Первое воспоминание: драгоценный, красный, с позолотой воздушный шар — вожделение моего детства. Бабушка купила, намотала на палец нитку, а шар размотал её своей силой, освободился от детской алчности. Разрывание сердца, утрата рук и прибыль зрения: красный шар в синеве Вселенной, нежная белизна хрупко-громоздкого здания, прочно опёршегося на колонны, посылающего в небо коней. Не знаю, сказала ли бабушка: «Смотри, это Большой театр». Вряд ли, я должна была и прежде это знать, но увидела так впервые, раз навсегда.
Затем — непрерывная удача детства, счастливое знакомство мамы, и на все, на все спектакли ведут, дают перламутровый бинокль, алеет бархат, блестит позолота, меркнет люстра и — ах!
Как прекрасно ты, возлюбленное человечество… Разве мало просто ходить и разговаривать, а ты вон что: на носках, на божественных и невероятных пуантах. Бесшумных, а всё же слух знает наизусть их быстрый-быстрый лепет по сцене. Немыслимо изогнув шею, ты всем телом совершаешь подвиг красоты. И чьи-то уста уже разомкнулись для пения. Да не чрезмерность ли это? Нет, это именно то, что соответствует твоей сути.
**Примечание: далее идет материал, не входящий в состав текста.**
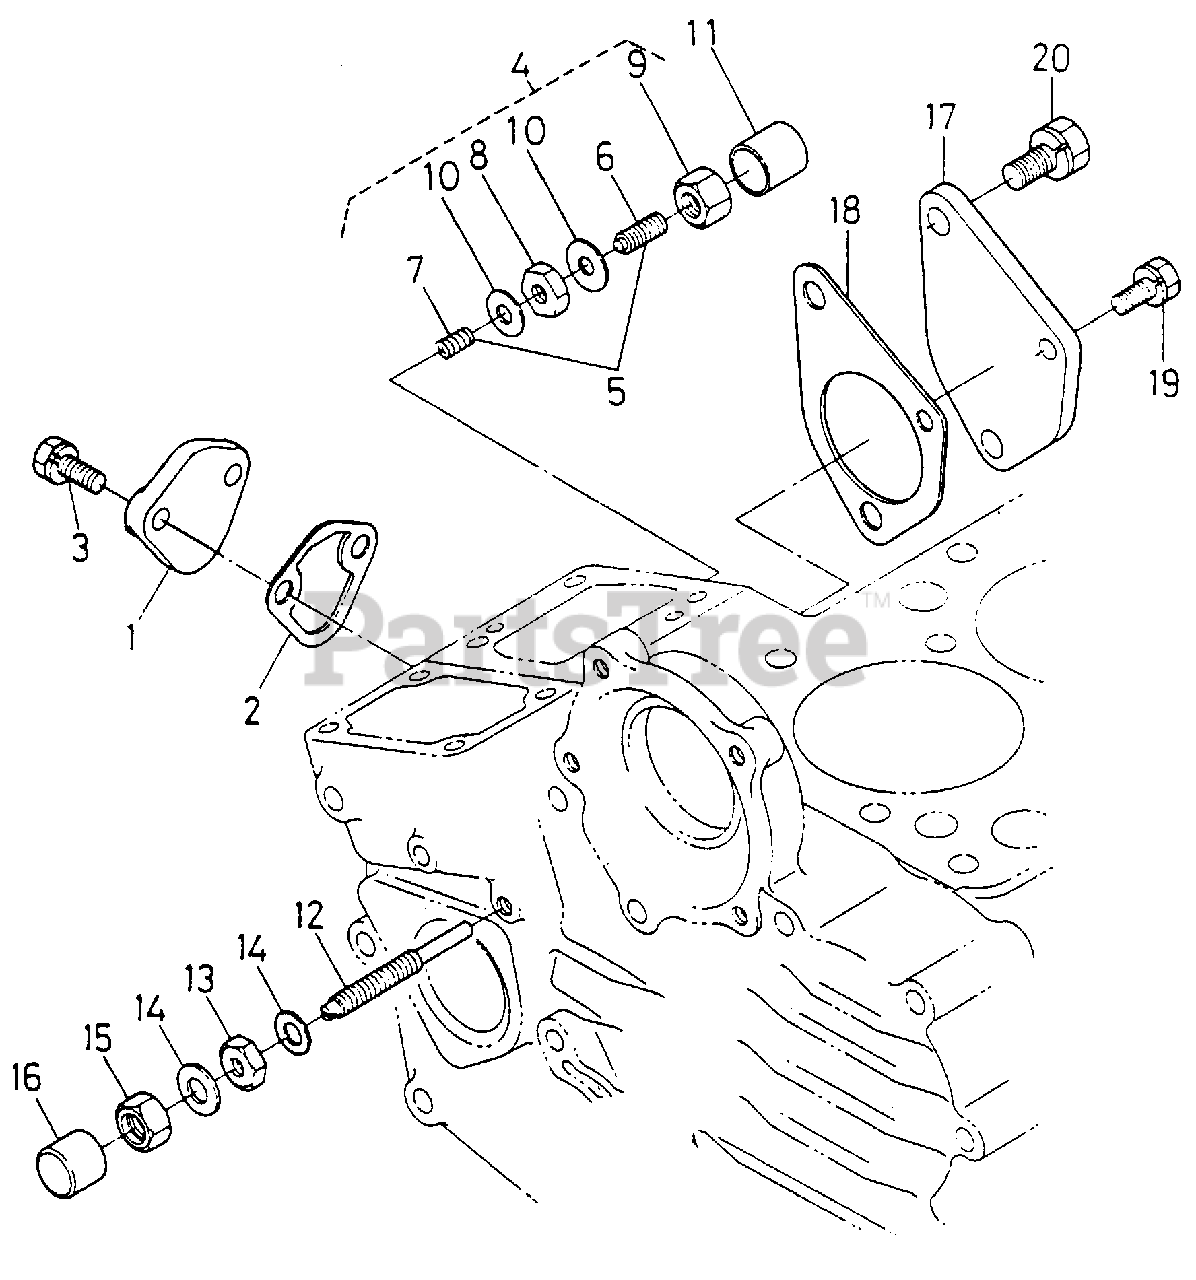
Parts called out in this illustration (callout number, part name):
3	Bolt, M6 X 16 Class 8.8 w/Washer
4	Bolt Assy, Idling
5	Bolt Assy, Adjusting
12	Bolt, Adjusting
19	Bolt, M6 X 16 Class 8.8 w/Washer
20	Bolt, M8 X 18 Pln Class 8.8

Принаряженное дитя ещё не понимает смысла слёз, мешающих смотреть в перламутровый бинокль. Там просто — ножка о ножку, прыжок, повисание, прыжок, но почему это причина для слёз? Восходит надземная люстра, прощай, бинокль, зато — вот пальто, как будто одно заменит другое! Большой театр парит и блещет, что ему до маленького человека со слезой, чью судьбу и речь он нечаянно и непреклонно слагает и пестует: много лет пройдёт, и в его честь вдруг, ни с того ни с сего, расплачется человек при Неве, при Летнем саде, клянусь Вам, что плачет.
Удачливый московский ребёнок вырастает в печального счастливчика, который по-прежнему держит перламутровый бинокль и обмирает, пока меркнет люстра. Потом по неведомой причине он вовсе не ложится спать, соотнося имя театра и величину его значения, и, видимо, одно соответствует другому, если уж новый день сияет, а человек всё ещё думает о том, о чём его мимолётно спросили по телефону.
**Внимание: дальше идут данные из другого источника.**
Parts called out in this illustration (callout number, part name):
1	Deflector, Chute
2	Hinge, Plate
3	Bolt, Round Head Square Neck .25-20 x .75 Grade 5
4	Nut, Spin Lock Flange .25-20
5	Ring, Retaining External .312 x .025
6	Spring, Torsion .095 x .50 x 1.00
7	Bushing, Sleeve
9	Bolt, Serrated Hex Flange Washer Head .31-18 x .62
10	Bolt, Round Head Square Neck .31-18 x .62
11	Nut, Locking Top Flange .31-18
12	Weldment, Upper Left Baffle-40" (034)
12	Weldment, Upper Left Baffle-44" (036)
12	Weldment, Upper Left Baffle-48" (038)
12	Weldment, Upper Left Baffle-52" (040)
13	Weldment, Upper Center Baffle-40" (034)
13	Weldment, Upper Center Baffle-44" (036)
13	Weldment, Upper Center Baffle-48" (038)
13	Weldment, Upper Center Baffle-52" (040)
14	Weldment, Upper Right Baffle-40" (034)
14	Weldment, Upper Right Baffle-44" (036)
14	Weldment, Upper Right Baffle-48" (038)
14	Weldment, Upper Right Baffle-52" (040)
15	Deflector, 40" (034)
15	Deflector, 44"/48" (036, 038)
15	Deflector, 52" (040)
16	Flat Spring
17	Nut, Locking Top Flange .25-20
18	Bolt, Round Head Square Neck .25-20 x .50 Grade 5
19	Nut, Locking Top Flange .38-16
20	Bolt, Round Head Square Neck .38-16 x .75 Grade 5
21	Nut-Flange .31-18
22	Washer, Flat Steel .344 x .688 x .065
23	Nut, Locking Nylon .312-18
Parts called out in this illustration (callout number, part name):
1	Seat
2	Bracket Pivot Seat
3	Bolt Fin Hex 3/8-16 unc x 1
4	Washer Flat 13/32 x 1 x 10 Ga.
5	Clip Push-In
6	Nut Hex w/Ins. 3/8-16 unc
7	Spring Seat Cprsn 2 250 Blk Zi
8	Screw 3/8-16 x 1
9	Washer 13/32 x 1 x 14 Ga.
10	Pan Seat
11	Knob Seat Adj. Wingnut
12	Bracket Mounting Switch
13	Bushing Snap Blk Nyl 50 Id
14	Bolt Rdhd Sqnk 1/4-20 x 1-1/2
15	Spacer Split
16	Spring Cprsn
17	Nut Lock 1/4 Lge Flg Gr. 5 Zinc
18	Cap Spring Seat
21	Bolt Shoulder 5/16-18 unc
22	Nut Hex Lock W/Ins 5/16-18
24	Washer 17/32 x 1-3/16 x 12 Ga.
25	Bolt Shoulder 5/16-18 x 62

И за это судьба осыпает его подарками невероятных совпадений. В это же время балерина дарит ему свои балетные туфли, вот они лежат — розовые, грациозные, в забытьи, потому что они почти сведены на нет возвышенной каторгой труда.
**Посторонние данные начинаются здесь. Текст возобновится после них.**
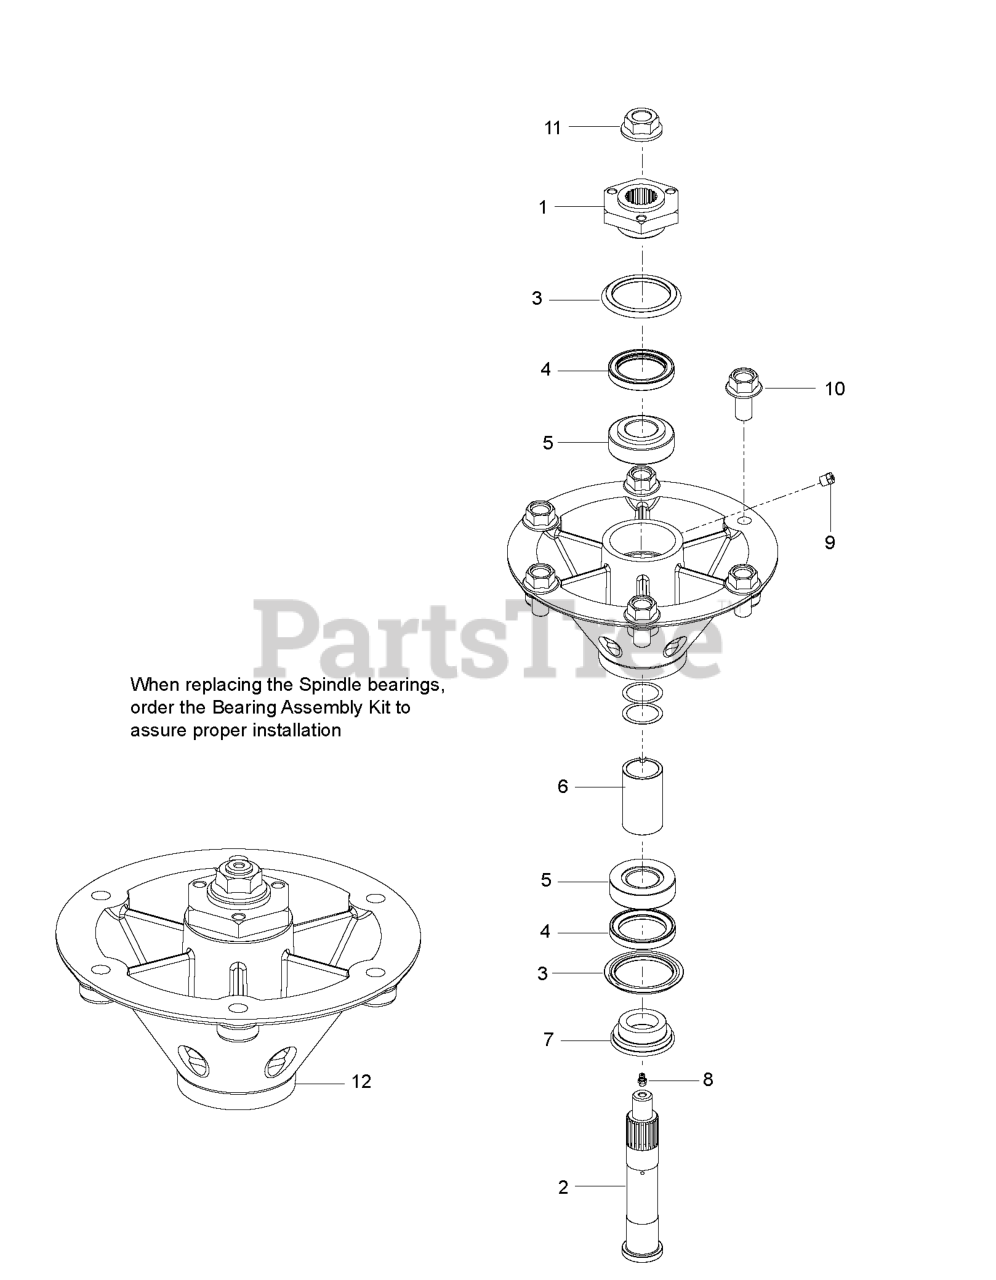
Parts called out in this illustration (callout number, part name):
3	SEAL V-RING 55MM
4	SEAL SHAFT
5	BEARING
8	ZERK
9	PLUG-VENTED
10	HHFS 1/2-13 X 1 GR5 ZD
11	NUT FLANGE 3/4-16
12	RP_SPINDLE.ASM.10".IRON.1/8-27

И открывается дверь, и входит человек, ему семьдесят три года, и вся его жизнь — это Большой театр, бывший, нынешний и грядущий — бесконечный. Я безмерно люблю его и почитаю, как и множество людей. Он спрашивает. «Как Вы поживаете? Вы, кажется, устали, Вы спать не ложились».
Я смотрю на него, усилием зрачка побарываю и скрываю влагу и говорю: «Всё хорошо. Просто я поздравляю Вас с 200-летием Большого театра».
Всё так и было, как описано в этой заметке, опубликованной в «Литературной газете» 26 мая 1976 года. Оставалось только написать несколько слов на газетных полях: «Дорогой и несравненный Асаф Михайлович! Надеюсь, что и другие люди догадались, но мы-то с Вами точно знаем, кто это входит и кого я безмерно люблю и почитаю и первым — поздравляю. Позвольте ещё раз сказать Вам: люблю и почитаю и поздравляю. Всегда Ваша Белла».